If I were connecting to a large remote model that had a lot of tables just for the sake of bringing one table into the local model, it would be cumbersome to hide all of the the unneeded tables – so I hope there will be an easier way to manage this in the future.

I opened Tabular Editor from the External Tools ribbon and was able to use it just as if I were designing a normal import model data model, to rename tables and set properties with multiple objects selected.

Adding relationships between tables from each remote model was pretty much the same process as it would have been in a local model. I can use the Manage Relationships dialog and use the drag-and-drop method in the diagram view. The latter method opens the Manage Relationships dialog rather then simply creating the relationship.
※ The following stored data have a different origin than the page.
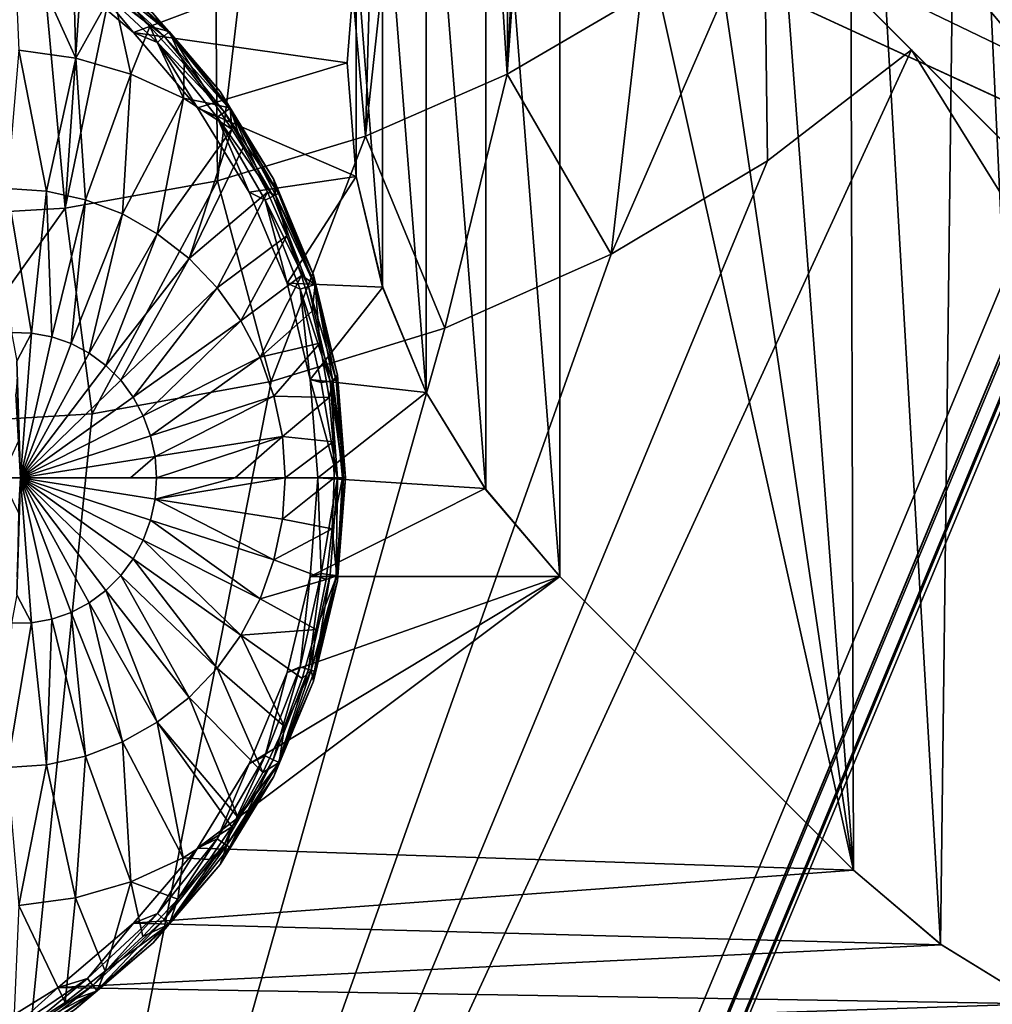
# Model space of a CAD drawing. Header units: metres. Extents: x -205 to 205, y -104 to 104.
# Tile 1044 of 1056: x 38.38 to 45.41, y -52.76 to -45.65. Entities that reach past the tile are written whole.
import ezdxf

# ---------------------------------------------------------------- set-up
doc = ezdxf.new("R2010")
doc.units = ezdxf.units.M
doc.layers.add('solid_01_2-CONSUMER_EHM_BOX_SW0001', color=7, linetype='CONTINUOUS')

msp = doc.modelspace()

# ---------------------------------------------------------------- linework, layer by layer
at = {"layer": 'solid_01_2-CONSUMER_EHM_BOX_SW0001'}
for points in [[(37.725636, -66.17981), (37.7257, 66.262611), (93.554939, 67.880234)], [(37.725636, -66.737389), (93.554939, 67.880234), (93.353928, 67.360405)], [(37.725636, -66.737389), (37.725636, -66.17981), (93.554939, 67.880234)], [(37.725636, -66.737389), (93.353928, 67.360405), (93.252739, 66.82016)], [(37.423435, -67.797455), (93.252739, 66.82016), (93.252739, 66.262589)], [(37.423435, -67.797455), (37.624447, -67.277626), (93.252739, 66.82016)], [(37.624447, -67.277626), (37.725636, -66.737389), (93.252739, 66.82016)], [(93.25267, -66.17984), (37.423435, -67.797455), (93.252739, 66.262589)], [(42.504925, -39.73896, 75), (63.596031, -54.576706, 75), (63.600384, 4.06445, 75)], [(41.906857, -46.04108, 63.099998), (42.43576, -38.25005, 63.099998), (42.499935, -37.458599, 63.099998)], [(41.906857, -46.04108, 63.099998), (42.499935, -37.458599, 63.099998), (42.871197, -45.476448, 63.099998)], [(41.906857, -46.04108, 63.099998), (42.255215, -39.003685, 63.099998), (42.43576, -38.25005, 63.099998)], [(41.906857, -46.04108, 63.099998), (41.953957, -39.728039, 63.099998), (42.255215, -39.003685, 63.099998)], [(41.906857, -46.04108, 63.099998), (41.545017, -40.397526, 63.099998), (41.953957, -39.728039, 63.099998)], [(42.504925, -39.73896, 75), (42.128418, -40.429649, 75), (63.596031, -54.576706, 75)], [(40.882542, -46.488701, 63.099998), (41.034664, -40.993332, 63.099998), (41.545017, -40.397526, 63.099998)], [(40.882542, -46.488701, 63.099998), (41.545017, -40.397526, 63.099998), (41.906857, -46.04108, 63.099998)], [(42.128418, -40.429649, 75), (41.657394, -41.059368, 75), (63.596031, -54.576706, 75)], [(45.178673, -40.773239, 3.5), (45.737743, -52.757679, 3.5), (45.999973, -40.708607, 3.5)], [(44.377594, -40.965557, 3.5), (45.035343, -52.327236, 3.5), (45.178673, -40.773239, 3.5)], [(45.178673, -40.773239, 3.5), (45.035343, -52.327236, 3.5), (45.737743, -52.757679, 3.5)], [(43.616478, -41.280823, 3.5), (44.408936, -51.792233, 3.5), (44.377594, -40.965557, 3.5)], [(44.377594, -40.965557, 3.5), (44.408936, -51.792233, 3.5), (45.035343, -52.327236, 3.5)], [(40.882542, -46.488701, 63.099998), (40.438858, -41.503685, 63.099998), (41.034664, -40.993332, 63.099998)], [(41.657394, -41.059368, 75), (41.100697, -41.616062, 75), (63.596031, -54.576706, 75)], [(42.914059, -41.711262, 3.5), (44.408936, -51.792233, 3.5), (43.616478, -41.280823, 3.5)], [(39.812733, -46.812889, 63.099998), (39.769371, -41.912624, 63.099998), (40.438858, -41.503685, 63.099998)], [(39.812733, -46.812889, 63.099998), (40.438858, -41.503685, 63.099998), (40.882542, -46.488701, 63.099998)], [(41.100697, -41.616062, 75), (40.470982, -42.087086, 75), (63.596031, -54.576706, 75)], [(42.287636, -42.246273, 3.5), (44.408936, -51.792233, 3.5), (42.914059, -41.711262, 3.5)], [(38.71262, -47.009129, 63.099998), (39.045017, -42.213882, 63.099998), (39.769371, -41.912624, 63.099998)], [(38.71262, -47.009129, 63.099998), (39.769371, -41.912624, 63.099998), (39.812733, -46.812889, 63.099998)], [(40.470982, -42.087086, 75), (39.780289, -42.463593, 75), (63.596031, -54.576706, 75)], [(38.71262, -47.009129, 63.099998), (38.291378, -42.394424, 63.099998), (39.045017, -42.213882, 63.099998)], [(41.752617, -42.872692, 3.5), (42.287617, -49.67091, 3.5), (42.287636, -42.246273, 3.5)], [(42.287636, -42.246273, 3.5), (42.287617, -49.67091, 3.5), (44.408936, -51.792233, 3.5)], [(38.71262, -47.009129, 63.099998), (37.596569, -47.074837, 63.099998), (38.291378, -42.394424, 63.099998)], [(39.780289, -42.463593, 75), (39.041775, -42.73806, 75), (63.596031, -54.576706, 75)], [(39.041775, -42.73806, 75), (38.274673, -42.903759, 75), (63.596031, -54.576706, 75)], [(41.752605, -49.044495, 3.5), (41.752617, -42.872692, 3.5), (41.32217, -43.575108, 3.5)], [(41.752605, -49.044495, 3.5), (42.287617, -49.67091, 3.5), (41.752617, -42.872692, 3.5)], [(38.274673, -42.903759, 75), (-63.60397, -54.56757, 75), (63.596031, -54.576706, 75)], [(41.322163, -48.342079, 3.5), (41.32217, -43.575108, 3.5), (41.006901, -44.336224, 3.5)], [(41.752605, -49.044495, 3.5), (41.32217, -43.575108, 3.5), (41.322163, -48.342079, 3.5)], [(44.349907, -44.328465, 63.120499), (44.859421, -43.777313, 63.120499), (50.787075, -49.705818, 65.447258)], [(50.787075, -49.705818, 65.447258), (44.859421, -43.777313, 63.120499), (45.887135, -44.80518, 69.5)], [(41.006893, -47.580967, 3.5), (41.006901, -44.336224, 3.5), (40.814575, -45.137295, 3.5)], [(41.322163, -48.342079, 3.5), (41.006901, -44.336224, 3.5), (41.006893, -47.580967, 3.5)], [(44.349907, -44.328465, 63.120499), (49.672161, -50.712219, 65.42598), (43.798683, -44.837898, 63.120499)], [(44.349907, -44.328465, 63.120499), (58.767025, -59.808388, 69), (49.672161, -50.712219, 65.42598)], [(44.349907, -44.328465, 63.120499), (59.303871, -59.284576, 69), (58.767025, -59.808388, 69)], [(44.349907, -44.328465, 63.120499), (50.787075, -49.705818, 65.447258), (59.303871, -59.284576, 69)], [(42.657833, -47.341644, 69.5), (42.871197, -45.476448, 69.5), (43.762951, -44.802158, 69.5)], [(43.786026, -46.668743, 69.5), (42.657833, -47.341644, 69.5), (43.762951, -44.802158, 69.5)], [(44.826401, -45.865761, 69.5), (43.762951, -44.802158, 69.5), (43.798683, -44.837898, 63.120499)], [(43.786026, -46.668743, 69.5), (43.762951, -44.802158, 69.5), (44.826401, -45.865761, 69.5)], [(44.826401, -45.865761, 69.5), (43.798683, -44.837898, 63.120499), (49.672161, -50.712219, 65.42598)], [(38.78941, -45.925274, 17.615362), (38.772095, -45.212524, 17.260666), (38.336998, -44.925552, 17.260666)], [(38.78941, -45.925274, 17.615362), (38.336998, -44.925552, 17.260666), (38.378979, -45.869247, 17.744545)], [(38.663506, -45.277512, 13.5), (39.206448, -45.741207, 13.5), (40.814571, -45.137287, 13.5)], [(39.206448, -45.741207, 13.5), (40.751118, -45.958576, 13.5), (40.814571, -45.137287, 13.5)], [(40.749935, -45.958595, 3.5), (40.814575, -45.137295, 3.5), (40.751118, -45.958576, 13.5)], [(40.814571, -46.779896, 3.5), (40.814575, -45.137295, 3.5), (40.749935, -45.958595, 3.5)], [(40.814575, -45.137295, 3.5), (40.814571, -45.137287, 13.5), (40.751118, -45.958576, 13.5)], [(41.006893, -47.580967, 3.5), (40.814575, -45.137295, 3.5), (40.814571, -46.779896, 3.5)], [(38.78941, -45.925274, 17.615362), (39.058689, -45.443516, 17.260666), (38.772095, -45.212524, 17.260666)], [(38.873672, -45.341541, 13.515164), (39.206448, -45.741207, 13.5), (38.663506, -45.277512, 13.5)], [(39.428181, -45.767658, 13.558523), (38.873672, -45.341541, 13.515164), (38.914185, -45.290741, 13.558523)], [(38.914185, -45.290741, 13.558523), (38.94125, -45.256802, 13.623464), (39.460003, -45.738132, 13.623464)], [(39.428181, -45.767658, 13.558523), (38.914185, -45.290741, 13.558523), (39.460003, -45.738132, 13.623464)], [(39.460003, -45.738132, 13.623464), (38.94125, -45.256802, 13.623464), (39.347908, -45.599831, 13.7)], [(38.94458, -45.252625, 17.160311), (39.463917, -45.734501, 17.160311), (39.347908, -45.599831, 17.098219)], [(38.94458, -45.252625, 17.160311), (39.058689, -45.443516, 17.260666), (39.326176, -45.696373, 17.260666)], [(39.463917, -45.734501, 17.160311), (38.94458, -45.252625, 17.160311), (39.326176, -45.696373, 17.260666)], [(38.873672, -45.341541, 13.515164), (39.38055, -45.811855, 13.515164), (39.206448, -45.741207, 13.5)], [(39.428181, -45.767658, 13.558523), (39.38055, -45.811855, 13.515164), (38.873672, -45.341541, 13.515164)], [(39.188328, -46.040928, 17.489803), (39.058689, -45.443516, 17.260666), (38.78941, -45.925274, 17.615362)], [(39.188328, -46.040928, 17.489803), (39.326176, -45.696373, 17.260666), (39.058689, -45.443516, 17.260666)], [(42.871197, -45.476448, 63.099998), (42.871197, -45.476448, 69.5), (41.906857, -46.04108, 69.5)], [(42.657833, -47.341644, 69.5), (41.906857, -46.04108, 69.5), (42.871197, -45.476448, 69.5)], [(41.906857, -46.04108, 63.099998), (42.871197, -45.476448, 63.099998), (41.906857, -46.04108, 69.5)], [(39.347908, -45.599831, 13.7), (39.347908, -45.599831, 17.098219), (39.831985, -46.166603, 17.098219)], [(39.463917, -45.734501, 17.160311), (39.831985, -46.166603, 17.098219), (39.347908, -45.599831, 17.098219)], [(39.831985, -46.166603, 13.7), (39.347908, -45.599831, 13.7), (39.831985, -46.166603, 17.098219)], [(39.460003, -45.738132, 13.623464), (39.347908, -45.599831, 13.7), (39.831985, -46.166603, 13.7)], [(39.567902, -46.213936, 17.370337), (39.326176, -45.696373, 17.260666), (39.188328, -46.040928, 17.489803)], [(39.463917, -45.734501, 17.160311), (39.326176, -45.696373, 17.260666), (39.572956, -45.969582, 17.260666)], [(39.567902, -46.213936, 17.370337), (39.572956, -45.969582, 17.260666), (39.326176, -45.696373, 17.260666)], [(39.463917, -45.734501, 17.160311), (39.905632, -46.288395, 17.160311), (39.831985, -46.166603, 17.098219)], [(39.463917, -45.734501, 17.160311), (39.572956, -45.969582, 17.260666), (39.797314, -46.261234, 17.260666)], [(39.905632, -46.288395, 17.160311), (39.463917, -45.734501, 17.160311), (39.797314, -46.261234, 17.260666)], [(39.206448, -45.741207, 13.5), (39.670158, -46.284134, 13.5), (40.751118, -45.958576, 13.5)], [(39.38055, -45.811855, 13.515164), (39.670158, -46.284134, 13.5), (39.206448, -45.741207, 13.5)], [(39.865353, -46.315861, 13.558523), (39.38055, -45.811855, 13.515164), (39.428181, -45.767658, 13.558523)], [(39.428181, -45.767658, 13.558523), (39.460003, -45.738132, 13.623464), (39.901218, -46.291405, 13.623464)], [(39.865353, -46.315861, 13.558523), (39.428181, -45.767658, 13.558523), (39.901218, -46.291405, 13.623464)], [(39.901218, -46.291405, 13.623464), (39.460003, -45.738132, 13.623464), (39.831985, -46.166603, 13.7)], [(37.595528, -61.574837, 72), (43.786026, -46.668743, 72), (44.826401, -45.865761, 72)], [(54.595528, -61.576061, 72), (37.595528, -61.574837, 72), (44.826401, -45.865761, 72)], [(38.378979, -45.869247, 17.744545), (38.294319, -46.866898, 18.132406), (38.579582, -46.886402, 18.042622)], [(38.78941, -45.925274, 17.615362), (38.378979, -45.869247, 17.744545), (38.579582, -46.886402, 18.042622)], [(39.38055, -45.811855, 13.515164), (39.811668, -46.352459, 13.515164), (39.670158, -46.284134, 13.5)], [(39.865353, -46.315861, 13.558523), (39.811668, -46.352459, 13.515164), (39.38055, -45.811855, 13.515164)], [(44.826401, -45.865761, 69.5), (44.826401, -45.865761, 72), (43.786026, -46.668743, 72)], [(43.786026, -46.668743, 69.5), (44.826401, -45.865761, 69.5), (43.786026, -46.668743, 72)], [(54.595528, -61.576061, 72), (44.826401, -45.865761, 72), (58.986565, -60.027958, 72)], [(58.986565, -60.027958, 69), (58.986565, -60.027958, 72), (44.826401, -45.865761, 72)], [(49.672161, -50.712219, 65.42598), (58.767025, -59.808388, 69), (44.826401, -45.865761, 72)], [(58.986565, -60.027958, 69), (44.826401, -45.865761, 72), (58.767025, -59.808388, 69)], [(44.826401, -45.865761, 69.5), (49.672161, -50.712219, 65.42598), (44.826401, -45.865761, 72)], [(38.78941, -45.925274, 17.615362), (38.579582, -46.886402, 18.042622), (38.859257, -46.948448, 17.954596)], [(39.188328, -46.040928, 17.489803), (38.78941, -45.925274, 17.615362), (38.859257, -46.948448, 17.954596)], [(39.567902, -46.213936, 17.370337), (39.797314, -46.261234, 17.260666), (39.572956, -45.969582, 17.260666)], [(39.670158, -46.284134, 13.5), (40.814564, -46.779865, 13.5), (40.751118, -45.958576, 13.5)], [(40.749935, -45.958595, 3.5), (40.751118, -45.958576, 13.5), (40.814564, -46.779865, 13.5)], [(40.814571, -46.779896, 3.5), (40.749935, -45.958595, 3.5), (40.814564, -46.779865, 13.5)], [(39.188328, -46.040928, 17.489803), (38.859257, -46.948448, 17.954596), (39.127602, -47.051754, 17.870134)], [(39.567902, -46.213936, 17.370337), (39.188328, -46.040928, 17.489803), (39.127602, -47.051754, 17.870134)], [(41.906857, -46.04108, 63.099998), (41.906857, -46.04108, 69.5), (40.882542, -46.488701, 69.5)], [(41.456921, -47.875465, 69.5), (40.882542, -46.488701, 69.5), (41.906857, -46.04108, 69.5)], [(40.882542, -46.488701, 63.099998), (41.906857, -46.04108, 63.099998), (40.882542, -46.488701, 69.5)], [(42.657833, -47.341644, 69.5), (41.456921, -47.875465, 69.5), (41.906857, -46.04108, 69.5)], [(39.567902, -46.213936, 17.370337), (39.127602, -47.051754, 17.870134), (39.379112, -47.194202, 17.790972)], [(39.567902, -46.213936, 17.370337), (39.379112, -47.194202, 17.790972), (39.917324, -46.439209, 17.260666)], [(39.567902, -46.213936, 17.370337), (39.917324, -46.439209, 17.260666), (39.797314, -46.261234, 17.260666)], [(39.831985, -46.166603, 13.7), (39.831985, -46.166603, 17.098219), (40.221436, -46.802128, 17.098219)], [(39.905632, -46.288395, 17.160311), (40.221436, -46.802128, 17.098219), (39.831985, -46.166603, 17.098219)], [(40.221436, -46.802128, 13.7), (39.831985, -46.166603, 13.7), (40.221436, -46.802128, 17.098219)], [(39.901218, -46.291405, 13.623464), (39.831985, -46.166603, 13.7), (40.221436, -46.802128, 13.7)], [(39.670158, -46.284134, 13.5), (40.043228, -46.892914, 13.5), (40.814564, -46.779865, 13.5)], [(39.811668, -46.352459, 13.515164), (40.043228, -46.892914, 13.5), (39.670158, -46.284134, 13.5)], [(39.905632, -46.288395, 17.160311), (39.797314, -46.261234, 17.260666), (39.917324, -46.439209, 17.260666)], [(39.865353, -46.315861, 13.558523), (39.901218, -46.291405, 13.623464), (40.255051, -46.904259, 13.623464)], [(40.255051, -46.904259, 13.623464), (39.901218, -46.291405, 13.623464), (40.221436, -46.802128, 13.7)], [(39.905632, -46.288395, 17.160311), (40.233963, -46.914413, 17.216368), (40.221436, -46.802128, 17.098219)], [(39.905632, -46.288395, 17.160311), (39.998535, -46.57056, 17.260666), (40.173977, -46.893387, 17.260666)], [(40.233963, -46.914413, 17.216368), (39.905632, -46.288395, 17.160311), (40.173977, -46.893387, 17.260666)], [(39.905632, -46.288395, 17.160311), (39.917324, -46.439209, 17.260666), (39.998535, -46.57056, 17.260666)], [(40.215939, -46.923092, 13.558523), (39.811668, -46.352459, 13.515164), (39.865353, -46.315861, 13.558523)], [(39.811668, -46.352459, 13.515164), (40.157398, -46.951283, 13.515164), (40.043228, -46.892914, 13.5)], [(40.215939, -46.923092, 13.558523), (40.157398, -46.951283, 13.515164), (39.811668, -46.352459, 13.515164)], [(40.215939, -46.923092, 13.558523), (39.865353, -46.315861, 13.558523), (40.255051, -46.904259, 13.623464)], [(39.608624, -47.372868, 17.718735), (39.917324, -46.439209, 17.260666), (39.379112, -47.194202, 17.790972)], [(39.608624, -47.372868, 17.718735), (39.998535, -46.57056, 17.260666), (39.917324, -46.439209, 17.260666)], [(40.882542, -46.488701, 63.099998), (40.882542, -46.488701, 69.5), (39.812733, -46.812889, 69.5)], [(40.200916, -48.262257, 69.5), (39.812733, -46.812889, 69.5), (40.882542, -46.488701, 69.5)], [(39.812733, -46.812889, 63.099998), (40.882542, -46.488701, 63.099998), (39.812733, -46.812889, 69.5)], [(41.456921, -47.875465, 69.5), (40.200916, -48.262257, 69.5), (40.882542, -46.488701, 69.5)], [(39.608624, -47.372868, 17.718735), (40.173977, -46.893387, 17.260666), (39.998535, -46.57056, 17.260666)], [(37.595528, -61.574837, 72), (42.657833, -47.341644, 72), (43.786026, -46.668743, 72)], [(43.786026, -46.668743, 69.5), (43.786026, -46.668743, 72), (42.657833, -47.341644, 72)], [(43.786026, -46.668743, 69.5), (42.657833, -47.341644, 72), (42.657833, -47.341644, 69.5)], [(40.043228, -46.892914, 13.5), (40.316467, -47.552567, 13.5), (40.814564, -46.779865, 13.5)], [(40.221436, -46.802128, 13.7), (40.221436, -46.802128, 17.098219), (40.506676, -47.490749, 17.098219)], [(40.233963, -46.914413, 17.216368), (40.506676, -47.490749, 17.098219), (40.221436, -46.802128, 17.098219)], [(40.506676, -47.490749, 13.7), (40.221436, -46.802128, 13.7), (40.506676, -47.490749, 17.098219)], [(40.255051, -46.904259, 13.623464), (40.221436, -46.802128, 13.7), (40.506676, -47.490749, 13.7)], [(40.316467, -47.552567, 13.5), (41.008011, -47.580563, 13.5), (40.814564, -46.779865, 13.5)], [(40.814571, -46.779896, 3.5), (40.814564, -46.779865, 13.5), (41.008011, -47.580563, 13.5)], [(41.006893, -47.580967, 3.5), (40.814571, -46.779896, 3.5), (41.008011, -47.580563, 13.5)], [(38.294319, -46.866898, 18.132406), (38.326073, -47.908653, 18.341488), (38.471291, -47.912022, 18.295647)], [(38.579582, -46.886402, 18.042622), (38.294319, -46.866898, 18.132406), (38.471291, -47.912022, 18.295647)], [(39.812733, -46.812889, 63.099998), (39.812733, -46.812889, 69.5), (38.71262, -47.009129, 69.5)], [(38.908333, -48.496426, 69.5), (38.71262, -47.009129, 69.5), (39.812733, -46.812889, 69.5)], [(38.71262, -47.009129, 63.099998), (39.812733, -46.812889, 63.099998), (38.71262, -47.009129, 69.5)], [(40.200916, -48.262257, 69.5), (38.908333, -48.496426, 69.5), (39.812733, -46.812889, 69.5)], [(38.579582, -46.886402, 18.042622), (38.471291, -47.912022, 18.295647), (38.616402, -47.938839, 18.249973)], [(38.859257, -46.948448, 17.954596), (38.579582, -46.886402, 18.042622), (38.616402, -47.938839, 18.249973)], [(39.811424, -47.584087, 17.654903), (40.173977, -46.893387, 17.260666), (39.608624, -47.372868, 17.718735)], [(39.811424, -47.584087, 17.654903), (40.3153, -47.208649, 17.260666), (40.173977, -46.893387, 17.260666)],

Finally, I added a new Combined Sales Qty measure to one of the remote tables in my local model that references an existing measure from each of the remote models. For demonstration, the table visual shown below includes the Order Date field which is related to each of the two fact tables (Online Sales and Store Sales), the Online Sales Qty measure from the Internet Sales remote model, the Store Sales Qty measure from the Store Sales remote model, and the new Combined Sales Qty measure which I added to the local model:

After publishing the new composite data model and report, the Lineage View shows that the Combined Sales dataset has connections and dependencies on the two remote datasets that show up as Analysis Services DirectQuery connections, apparently using the XMLA endpoint in the Power BI service.

Once I worked through the design process a couple of times, the data model behavior is seems to be exactly the same as always, and designing reports is no different at all. I’m just scratching the surface and I’m anxious to dig deeper and compare notes with others in the community. I have no doubt that behaviors, limits and issues will arise with this brand new and very compelling capability but I’m very encouraged so far.